Spot prices for Canada's benchmark bitumen blend surged June 4 amid reports that Enbridge Inc. has scrapped a plan to limit over-ordering of pipeline space by producers.
Western Canada Select, a blend of oil sands bitumen and lighter oils, jumped C$14.32 per barrel, or 28%, to C$65.88/bbl. The jump sliced its discount to benchmark West Texas Intermediate crude by almost half to C$17.84/bbl, according to data compiled by the Petroleum Services Association of Canada. Western Canada Select prices had averaged C$54.71/bbl so far this year, according to the industry group, while the price differential had averaged C$28.92/bbl.
The price jump came amid reports that Calgary, Alberta-based Enbridge would shelve a plan to limit the nomination of so-called "air barrels" — capacity requests in excess of actual shipper needs — on its mainline system linking the oil sands region with refiners in the U.S. Enbridge told shippers June 4 that the company would not implement rules setting an allowance for the amount of crude companies could nominate for transport on its mainline, according to a Bloomberg News report that cited communications between the company and its customers. The plan, which was announced in May, would have seen pipeline space allocated based on a 12-month average with certain allowances. Enbridge abandoned the proposal after discussions with shippers, the news agency said.

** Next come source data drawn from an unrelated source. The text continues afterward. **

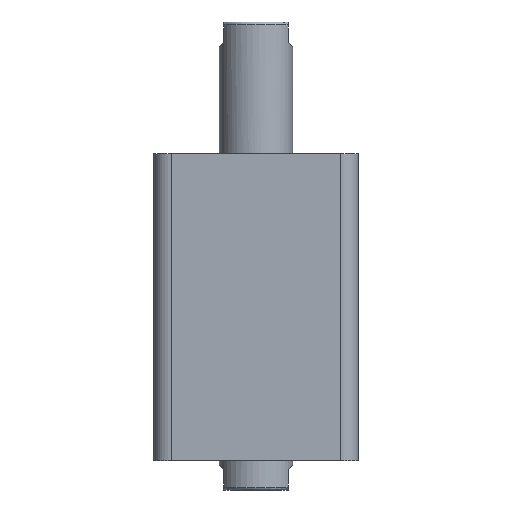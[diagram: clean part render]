
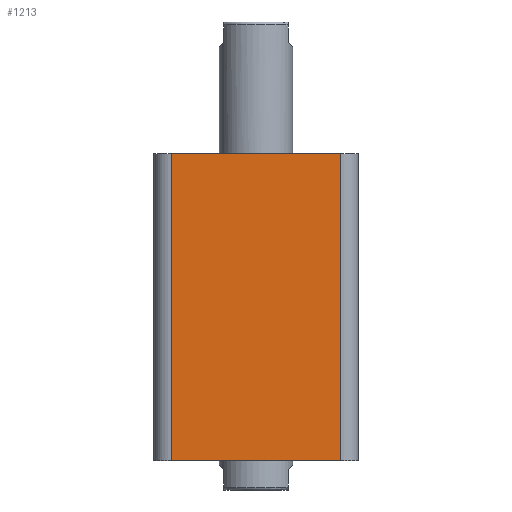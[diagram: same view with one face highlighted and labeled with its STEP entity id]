
A CAD part, front view. The second image highlights one B-rep face of the part: STEP entity #1213.
In plain terms, the highlighted planar face has unit normal (0, -1, 0).
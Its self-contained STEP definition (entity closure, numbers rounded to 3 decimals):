
#67 = VERTEX_POINT ( 'NONE', #3164 ) ;
#145 = VERTEX_POINT ( 'NONE', #1329 ) ;
#146 = VERTEX_POINT ( 'NONE', #1322 ) ;
#150 = VERTEX_POINT ( 'NONE', #1340 ) ;
#335 = FACE_OUTER_BOUND ( 'NONE', #3234, .T. ) ;
#343 = ORIENTED_EDGE ( 'NONE', *, *, #2291, .T. ) ;
#344 = ORIENTED_EDGE ( 'NONE', *, *, #2292, .T. ) ;
#368 = LINE ( 'NONE', #2561, #371 ) ;
#370 = LINE ( 'NONE', #2575, #373 ) ;
#371 = VECTOR ( 'NONE', #2568, 1000. ) ;
#373 = VECTOR ( 'NONE', #2576, 1000. ) ;
#674 = AXIS2_PLACEMENT_3D ( 'NONE', #1951, #1960, #1962 ) ;
#1073 = LINE ( 'NONE', #1585, #1076 ) ;
#1076 = VECTOR ( 'NONE', #1586, 1000. ) ;
#1091 = LINE ( 'NONE', #2416, #1095 ) ;
#1095 = VECTOR ( 'NONE', #2415, 1000. ) ;
#1213 = ADVANCED_FACE ( 'NONE', ( #335 ), #1956, .F. ) ;
#1322 = CARTESIAN_POINT ( 'NONE',  ( -29., -35., 0. ) ) ;
#1329 = CARTESIAN_POINT ( 'NONE',  ( 29., -35., 0. ) ) ;
#1340 = CARTESIAN_POINT ( 'NONE',  ( 29., -35., 105. ) ) ;
#1585 = CARTESIAN_POINT ( 'NONE',  ( -29., -35., 105. ) ) ;
#1586 = DIRECTION ( 'NONE',  ( 0., 0., -1. ) ) ;
#1951 = CARTESIAN_POINT ( 'NONE',  ( -35., -35., 105. ) ) ;
#1956 = PLANE ( 'NONE',  #674 ) ;
#1960 = DIRECTION ( 'NONE',  ( 0., 1., 0. ) ) ;
#1962 = DIRECTION ( 'NONE',  ( 0., 0., 1. ) ) ;
#2217 = EDGE_CURVE ( 'NONE', #67, #146, #1073, .T. ) ;
#2230 = EDGE_CURVE ( 'NONE', #67, #150, #1091, .T. ) ;
#2291 = EDGE_CURVE ( 'NONE', #146, #145, #368, .T. ) ;
#2292 = EDGE_CURVE ( 'NONE', #145, #150, #370, .T. ) ;
#2415 = DIRECTION ( 'NONE',  ( 1., 0., 0. ) ) ;
#2416 = CARTESIAN_POINT ( 'NONE',  ( -35., -35., 105. ) ) ;
#2561 = CARTESIAN_POINT ( 'NONE',  ( -35., -35., 0. ) ) ;
#2568 = DIRECTION ( 'NONE',  ( 1., 0., 0. ) ) ;
#2575 = CARTESIAN_POINT ( 'NONE',  ( 29., -35., 105. ) ) ;
#2576 = DIRECTION ( 'NONE',  ( 0., 0., 1. ) ) ;
#3140 = ORIENTED_EDGE ( 'NONE', *, *, #2230, .F. ) ;
#3141 = ORIENTED_EDGE ( 'NONE', *, *, #2217, .T. ) ;
#3164 = CARTESIAN_POINT ( 'NONE',  ( -29., -35., 105. ) ) ;
#3234 = EDGE_LOOP ( 'NONE', ( #3140, #3141, #343, #344 ) ) ;

Enbridge and other pipeline operators usually pro-rate shipper requests on their systems in order to meet demand on Canada's constrained pipeline network. Shippers sometimes seek more space than they need in an attempt to ensure their actual requirements are met. As a result, pipeline capacity that is booked sometimes stays unused, creating wasted space and scheduling headaches for the pipelines. Maintaining the existing allocation system could improve the likelihood that sellers moving crude to spot markets will get more space on the system. Enbridge handles the largest share of Canada's crude shipments.